Associate Professor Arup Indra in the OSU/OHSU College of Pharmacy has worked on melanoma cancers for over 20 years.

“Now melanoma is one of the deadliest skin cancers and Oregon has the 3rd highest incidence rate in the nation. Melanoma is different from squamous cell carcinoma because of the fact that squamous cell carcinomas are aggressive but they could be receptive, they could be treated with chemotherapy and surgical removal,” Indra said. “But melanomas, they often metastasize very rapidly.” 

The most challenging aspect at this point is obtaining funding to go ahead with preclinical trials, Indra said.

Loesgen said that despite the promising results observed, the chances of reaching a final drug for melanoma treatment are slim. 

“It takes years. It takes 15, 20 years from the stage we are at,” Loesgen said. “And the amount of compounds, I think 5-10,000, that are probably in the pool that mensacarcin is in now, one makes it (to a final product). One of 10,000. While we have the best hopes, it might not be this one.” 

According to Indra, the preclinical animal models generated in his lab are unique because they contain specific gene mutations in skin cells that are found in humans. Using an animal model may overall be the most effective way to test anti-cancer efficacy of new drugs including bioactive compounds isolated from different resources. 

“Mice are an ideal model where it is manageable, you can do things within a year or two. The diversity or heterogeneity is relatively less and so it’s a good fit model to do things rapidly,” Indra said. “A mouse can resemble human skin in a lot of aspects. It could be more cost effective, more controlled and it could be done in a more effective way.” 

Loesgen said testing with animal models is regulated by both the National Institute of Health and the Food and Drug Administration.
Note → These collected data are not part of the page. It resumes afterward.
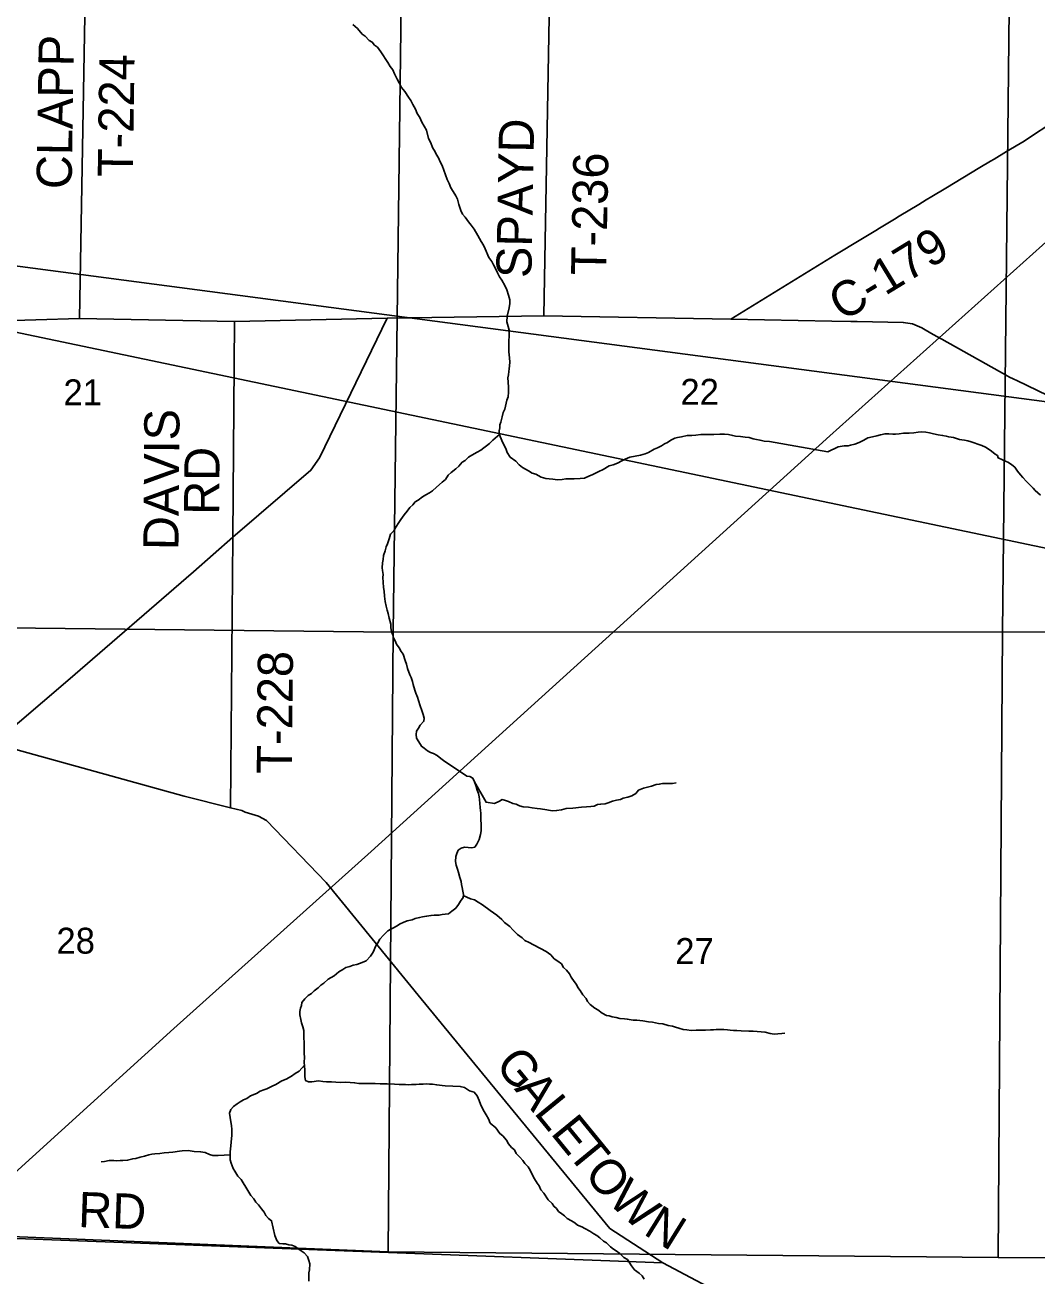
# Model space of a CAD drawing. Extents: x 0 to 34, y 0 to 22.
# Drawn here: x 4.9 to 6.537, y 15.401 to 17.423 of the extents above; entities that cross this region are included whole.
import ezdxf

# ---------------------------------------------------------------- set-up
doc = ezdxf.new("R2010")
doc.units = 0
for name, color, linetype in [('GM_X_County_Road', 7, 'Continuous'), ('GM_X_County_Road_Text', 7, 'Continuous'), ('GM_X_Minor_River', 7, 'Continuous'), ('GM_X_Rail_Line', 7, 'Continuous'), ('GM_X_Section', 7, 'Continuous'), ('GM_X_Section_Text', 7, 'Continuous'), ('GM_X_Township_Road', 7, 'Continuous'), ('GM_X_Township_Road_Text', 7, 'Continuous'), ('SH_Data', 7, 'Continuous')]:
    doc.layers.add(name, color=color, linetype=linetype)

msp = doc.modelspace()

# ---------------------------------------------------------------- linework, layer by layer
at = {"layer": 'GM_X_County_Road'}
for p, q in [((6.5219, 17.2393), (6.5642, 17.2669)), ((6.4445, 17.1926), (6.4617, 17.2029)), ((5.4858, 16.949), (5.7395, 16.953)), ((5.7395, 16.953), (6.0419, 16.9474)), ((6.0419, 16.9474), (6.2053, 16.9445)), ((6.2053, 16.9445), (6.2359, 16.9439)), ((6.2359, 16.9439), (6.2461, 16.9437)), ((6.3832, 16.9151), (6.4899, 16.8555))]:
    msp.add_line(p, q, dxfattribs=at)
for points in [[(6.4875, 17.2184), (6.516, 17.2354), (6.5219, 17.2393)], [(6.4617, 17.2029), (6.4677, 17.2065), (6.4875, 17.2184)], [(6.3669, 17.146), (6.3894, 17.1595), (6.4445, 17.1926)], [(6.3143, 17.1142), (6.3459, 17.1332), (6.3575, 17.1403), (6.3669, 17.146)], [(6.2901, 17.0995), (6.3067, 17.1095), (6.3143, 17.1142)], [(6.2127, 17.0527), (6.2496, 17.075), (6.2789, 17.0927), (6.2814, 17.0943)], [(6.2814, 17.0943), (6.2823, 17.0948), (6.2901, 17.0995)], [(6.0419, 16.9474), (6.2102, 17.0511), (6.2127, 17.0527)], [(3.4818, 16.701), (3.5794, 16.6905), (3.7487, 16.6707), (3.8927, 16.6551), (3.9667, 16.6771), (4.2269, 16.7584), (4.486, 16.8389), (4.7465, 16.9172), (4.8464, 16.9445), (4.9885, 16.9486), (5.2393, 16.9438), (5.4858, 16.949)], [(5.2364, 16.5952), (5.3627, 16.7033), (5.3766, 16.7236), (5.4858, 16.949)], [(6.2461, 16.9437), (6.3206, 16.9424), (6.3282, 16.9411), (6.3357, 16.9399), (6.3505, 16.9333), (6.3561, 16.9302)], [(6.3561, 16.9302), (6.3689, 16.923), (6.3832, 16.9151)], [(6.4899, 16.8555), (6.4917, 16.8545), (6.4994, 16.8506)], [(6.4994, 16.8506), (6.5042, 16.8482), (6.6203, 16.7926), (6.6936, 16.7596), (6.76, 16.7284), (6.7817, 16.7198), (6.7916, 16.7158), (6.7987, 16.7128), (6.8, 16.7123), (6.8036, 16.7112)], [(3.9812, 15.4992), (4.2172, 15.704), (4.4759, 15.927), (4.8499, 16.2614), (4.9696, 16.3635), (5.1729, 16.5392), (5.2364, 16.5952)]]:
    msp.add_lwpolyline(points, dxfattribs=at)
at = {"layer": 'GM_X_Minor_River'}
for points in [[(5.4307, 17.4238), (5.4379, 17.4176), (5.4457, 17.4081), (5.4506, 17.405), (5.457, 17.3981), (5.4619, 17.3954), (5.4656, 17.3904), (5.4701, 17.3873), (5.4757, 17.38), (5.4791, 17.375), (5.4839, 17.3674), (5.4873, 17.3624), (5.491, 17.3563), (5.4951, 17.3506), (5.4981, 17.3441), (5.5022, 17.3357), (5.5055, 17.3296), (5.5092, 17.3223), (5.5148, 17.3158), (5.5204, 17.3067), (5.5241, 17.3009), (5.5275, 17.2948), (5.532, 17.2872), (5.5345, 17.2803), (5.5386, 17.2734)], [(5.5386, 17.2734), (5.542, 17.2658), (5.5461, 17.2597), (5.5494, 17.2532), (5.5527, 17.2399), (5.556, 17.2338), (5.5597, 17.2239), (5.563, 17.2193), (5.5653, 17.2143), (5.569, 17.2086), (5.5719, 17.2017), (5.5749, 17.196), (5.5779, 17.1884), (5.5804, 17.1811), (5.583, 17.1735), (5.5863, 17.167), (5.5889, 17.1598), (5.5926, 17.154), (5.5971, 17.1468), (5.5997, 17.1414), (5.6019, 17.1331), (5.6033, 17.1281), (5.6052, 17.1235), (5.6078, 17.1171), (5.6123, 17.1125), (5.6175, 17.1048), (5.622, 17.0998), (5.6268, 17.0933), (5.6328, 17.083), (5.638, 17.0731), (5.6417, 17.067), (5.6447, 17.0612), (5.6506, 17.0475), (5.6551, 17.041), (5.658, 17.0353), (5.6625, 17.0273), (5.6647, 17.0223), (5.6677, 17.0162), (5.6714, 17.0108), (5.6763, 17.0021), (5.6796, 16.9948), (5.6821, 16.9864), (5.6843, 16.9788), (5.6843, 16.9731), (5.6831, 16.9659), (5.6799, 16.9523), (5.6794, 16.9432), (5.6816, 16.9356), (5.6834, 16.9299), (5.6833, 16.9189), (5.6828, 16.9135), (5.6826, 16.8949), (5.6836, 16.8851), (5.6843, 16.8782), (5.6839, 16.8722), (5.6834, 16.8672), (5.683, 16.8627), (5.6822, 16.8574), (5.6814, 16.8528), (5.6823, 16.838), (5.6823, 16.8297), (5.6818, 16.8221), (5.6798, 16.8164), (5.6762, 16.802), (5.6735, 16.7967), (5.6719, 16.7895), (5.6699, 16.7812), (5.6684, 16.7767), (5.6683, 16.7721), (5.6671, 16.7668), (5.6674, 16.7615), (5.6704, 16.7539), (5.6726, 16.7485), (5.6756, 16.7428), (5.6782, 16.7367), (5.68, 16.7321), (5.6848, 16.7245), (5.6939, 16.7179), (5.6995, 16.7122), (5.7051, 16.7076), (5.7146, 16.7025), (5.7206, 16.6987), (5.7263, 16.6971), (5.7349, 16.6921), (5.7425, 16.6901), (5.7478, 16.6893), (5.7542, 16.6888), (5.7614, 16.688), (5.769, 16.6883), (5.7747, 16.6893), (5.7812, 16.6893), (5.7884, 16.6896), (5.7982, 16.6899), (5.8051, 16.6905), (5.8131, 16.6943), (5.8177, 16.6957), (5.8283, 16.7013), (5.8356, 16.7043), (5.8448, 16.7102), (5.8516, 16.7121), (5.8585, 16.715)], [(5.6672, 16.7605), (5.6644, 16.7585), (5.6571, 16.7521), (5.6517, 16.7465), (5.6467, 16.7427), (5.6422, 16.7397), (5.6376, 16.7356), (5.6318, 16.7323), (5.6231, 16.7278), (5.6173, 16.7244), (5.612, 16.7192), (5.6074, 16.7162), (5.602, 16.7098), (5.597, 16.7057), (5.5897, 16.6997), (5.5848, 16.6952), (5.5805, 16.6884), (5.5751, 16.6843), (5.5659, 16.676), (5.5594, 16.67), (5.5545, 16.6667), (5.5487, 16.6633), (5.543, 16.6603), (5.5361, 16.6551), (5.5315, 16.6521), (5.5277, 16.6472), (5.5227, 16.6431), (5.5185, 16.6374), (5.5135, 16.631), (5.5081, 16.6239), (5.5046, 16.6186), (5.5, 16.6114), (5.4969, 16.6054), (5.4915, 16.5998), (5.4891, 16.5926), (5.4864, 16.5842), (5.4844, 16.5793), (5.4825, 16.5733), (5.4801, 16.5657), (5.4793, 16.5589), (5.4784, 16.5536), (5.478, 16.5456), (5.4783, 16.5411), (5.4794, 16.535), (5.4789, 16.53), (5.4796, 16.5224), (5.4803, 16.5137), (5.481, 16.5076), (5.4816, 16.5), (5.4827, 16.4909), (5.4845, 16.4837), (5.4859, 16.4772), (5.4878, 16.4715), (5.4892, 16.4643), (5.4921, 16.4544), (5.492, 16.4483), (5.4931, 16.4426), (5.4949, 16.4369), (5.4964, 16.4323), (5.499, 16.4277), (5.5012, 16.4224), (5.5053, 16.4163), (5.5087, 16.4105), (5.512, 16.4059), (5.515, 16.396), (5.5172, 16.3896), (5.519, 16.3827), (5.5227, 16.3728), (5.5249, 16.3682), (5.5267, 16.3617), (5.5282, 16.3572), (5.5307, 16.348), (5.5326, 16.3427), (5.5348, 16.3366), (5.5366, 16.3313), (5.5395, 16.3225), (5.5421, 16.3149), (5.5443, 16.3084), (5.5458, 16.3023), (5.5453, 16.2974), (5.5396, 16.291), (5.5369, 16.2865), (5.5334, 16.2816), (5.5329, 16.2763), (5.5333, 16.2702), (5.537, 16.2644), (5.5414, 16.2572), (5.546, 16.2541), (5.5512, 16.2495), (5.5561, 16.2468), (5.561, 16.2452), (5.5667, 16.2421), (5.5727, 16.2371), (5.5772, 16.234), (5.5889, 16.2259), (5.6047, 16.2155), (5.6149, 16.2089), (5.6198, 16.2081), (5.6247, 16.2054), (5.6273, 16.1997)], [(5.8585, 16.715), (5.8653, 16.7184), (5.8707, 16.7213), (5.8787, 16.7247), (5.8958, 16.7279), (5.9034, 16.7301), (5.9084, 16.732), (5.9179, 16.7375), (5.9232, 16.7394), (5.9297, 16.7427), (5.9343, 16.7461), (5.9396, 16.7483), (5.9446, 16.7517), (5.9511, 16.755), (5.9557, 16.7565), (5.9621, 16.7576), (5.9713, 16.7594), (5.9785, 16.7593), (5.9853, 16.76), (5.9933, 16.761), (5.9993, 16.7613), (6.0066, 16.7609), (6.0141, 16.7612), (6.024, 16.7618), (6.0316, 16.7618), (6.038, 16.7609), (6.0448, 16.7593), (6.0494, 16.7585), (6.0573, 16.7577), (6.0649, 16.7568), (6.0714, 16.756), (6.0782, 16.754), (6.0835, 16.7529), (6.0891, 16.7517), (6.0956, 16.7504), (6.1043, 16.7496), (6.1989, 16.733)], [(6.1989, 16.733), (6.2153, 16.7414), (6.2252, 16.7426), (6.2317, 16.7426), (6.2354, 16.7441), (6.2426, 16.7457), (6.2495, 16.7484), (6.2567, 16.7522), (6.2635, 16.7557), (6.2711, 16.7576), (6.2779, 16.7588), (6.2839, 16.7607), (6.2912, 16.7623), (6.2976, 16.7623), (6.3041, 16.7619), (6.3082, 16.7616), (6.3139, 16.7624), (6.3211, 16.7632), (6.3302, 16.7632), (6.3378, 16.7636), (6.3447, 16.7648), (6.3507, 16.7652), (6.3572, 16.7649), (6.3633, 16.7638), (6.3694, 16.7623), (6.3769, 16.7608), (6.3842, 16.7597), (6.3902, 16.7586), (6.3944, 16.7571), (6.402, 16.756), (6.4066, 16.7545), (6.4115, 16.753), (6.4153, 16.7526), (6.4195, 16.7522), (6.4252, 16.7508), (6.4305, 16.7493), (6.4355, 16.7478), (6.4412, 16.7455), (6.448, 16.7433), (6.4537, 16.7406), (6.4579, 16.738), (6.4633, 16.7342), (6.4693, 16.7293), (6.4732, 16.7271), (6.4743, 16.7233), (6.4812, 16.7199), (6.4911, 16.7161), (6.4964, 16.7123), (6.501, 16.7082), (6.5055, 16.7018), (6.5101, 16.6961), (6.5143, 16.6915), (6.5201, 16.6851), (6.5258, 16.6791), (6.5307, 16.6745), (6.5342, 16.6707), (6.5426, 16.6632)], [(5.6273, 16.1997), (5.6302, 16.1921), (5.6317, 16.186), (5.6335, 16.1807), (5.635, 16.1753), (5.6353, 16.1708), (5.6356, 16.1643), (5.6363, 16.1582), (5.637, 16.1533), (5.6373, 16.1487), (5.6376, 16.1423), (5.6376, 16.137), (5.6379, 16.132), (5.6381, 16.1206), (5.6369, 16.1142), (5.6346, 16.1062), (5.6311, 16.0987), (5.6276, 16.0938), (5.6227, 16.0931), (5.6113, 16.094), (5.6056, 16.0921), (5.601, 16.0891), (5.5986, 16.0838), (5.5971, 16.0789), (5.5966, 16.0706), (5.5977, 16.0649), (5.5995, 16.0584), (5.6013, 16.0531), (5.6035, 16.0451), (5.6057, 16.0386), (5.6064, 16.0337), (5.6071, 16.0287), (5.6086, 16.0226), (5.6093, 16.0173), (5.6088, 16.0124), (5.6046, 16.0067), (5.6011, 16.0011), (5.5969, 15.9954), (5.5908, 15.9905), (5.5854, 15.9864), (5.5797, 15.9854), (5.5751, 15.985), (5.5698, 15.9839), (5.5619, 15.984), (5.5569, 15.9837), (5.5497, 15.9823), (5.5429, 15.9812), (5.5383, 15.9801), (5.5314, 15.9787), (5.5265, 15.9764), (5.5185, 15.9746), (5.5117, 15.972), (5.5071, 15.9698), (5.501, 15.9661), (5.4964, 15.9635), (5.4918, 15.9616), (5.4872, 15.9586), (5.4799, 15.9515), (5.4742, 15.9451), (5.4711, 15.9391), (5.4676, 15.9342), (5.4633, 15.9243), (5.4591, 15.9179), (5.4518, 15.91), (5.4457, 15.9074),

“If you look into the guidelines, they’re really, really strict in how many mice need to go into an assay, the fewest  possible are sacrificed in a very detailed way. This is all very regulated,” Loesgen said. “And it’s also expensive, that kind of work. So we are looking into initial efficacy and dose texploration, with only few mice per test. And the collaborators on the clinical side, they are very experienced.” 

According to Indra, these preclinical studies may consider new angles of approaching melanoma treatment studies.

“These are unique in a sense because we consider the microenvironment effect,” Indra said. “What that means is the cancer and the associated effect of the environment, which is very often ignored for cells in isolation.”

Kaweesa said if a product is not generated, there are still benefits of completing the research process.

“We might not be able to develop mensacarcin as a new drug for melanoma; hopefully we can in our lifetime. Even if we do not, all the assays and protocols we’re developing, all the pathways we’re digging into provides insight on how to develop targeted cancer therapies, therefore contributing to the research world,” Kaweesa said. “And maybe other scientists, or even younger scientists in years to come will use the same techniques and develop them further.”

Furthermore, though research has been focused on melanoma it may be effective in treating other kinds of cancers, according to Loesgen. 

“And it seems to be effective in glioblastoma, which is a really aggressive form of brain tumor for which it is really important to have tools,” Loesgen said. “We do not know if it carries over the brain barrier yet, so that’s something we need to study. Mensacarcin’s application in melanoma is one avenue we are exploring, but there might be other cancers, more aggressive ones.”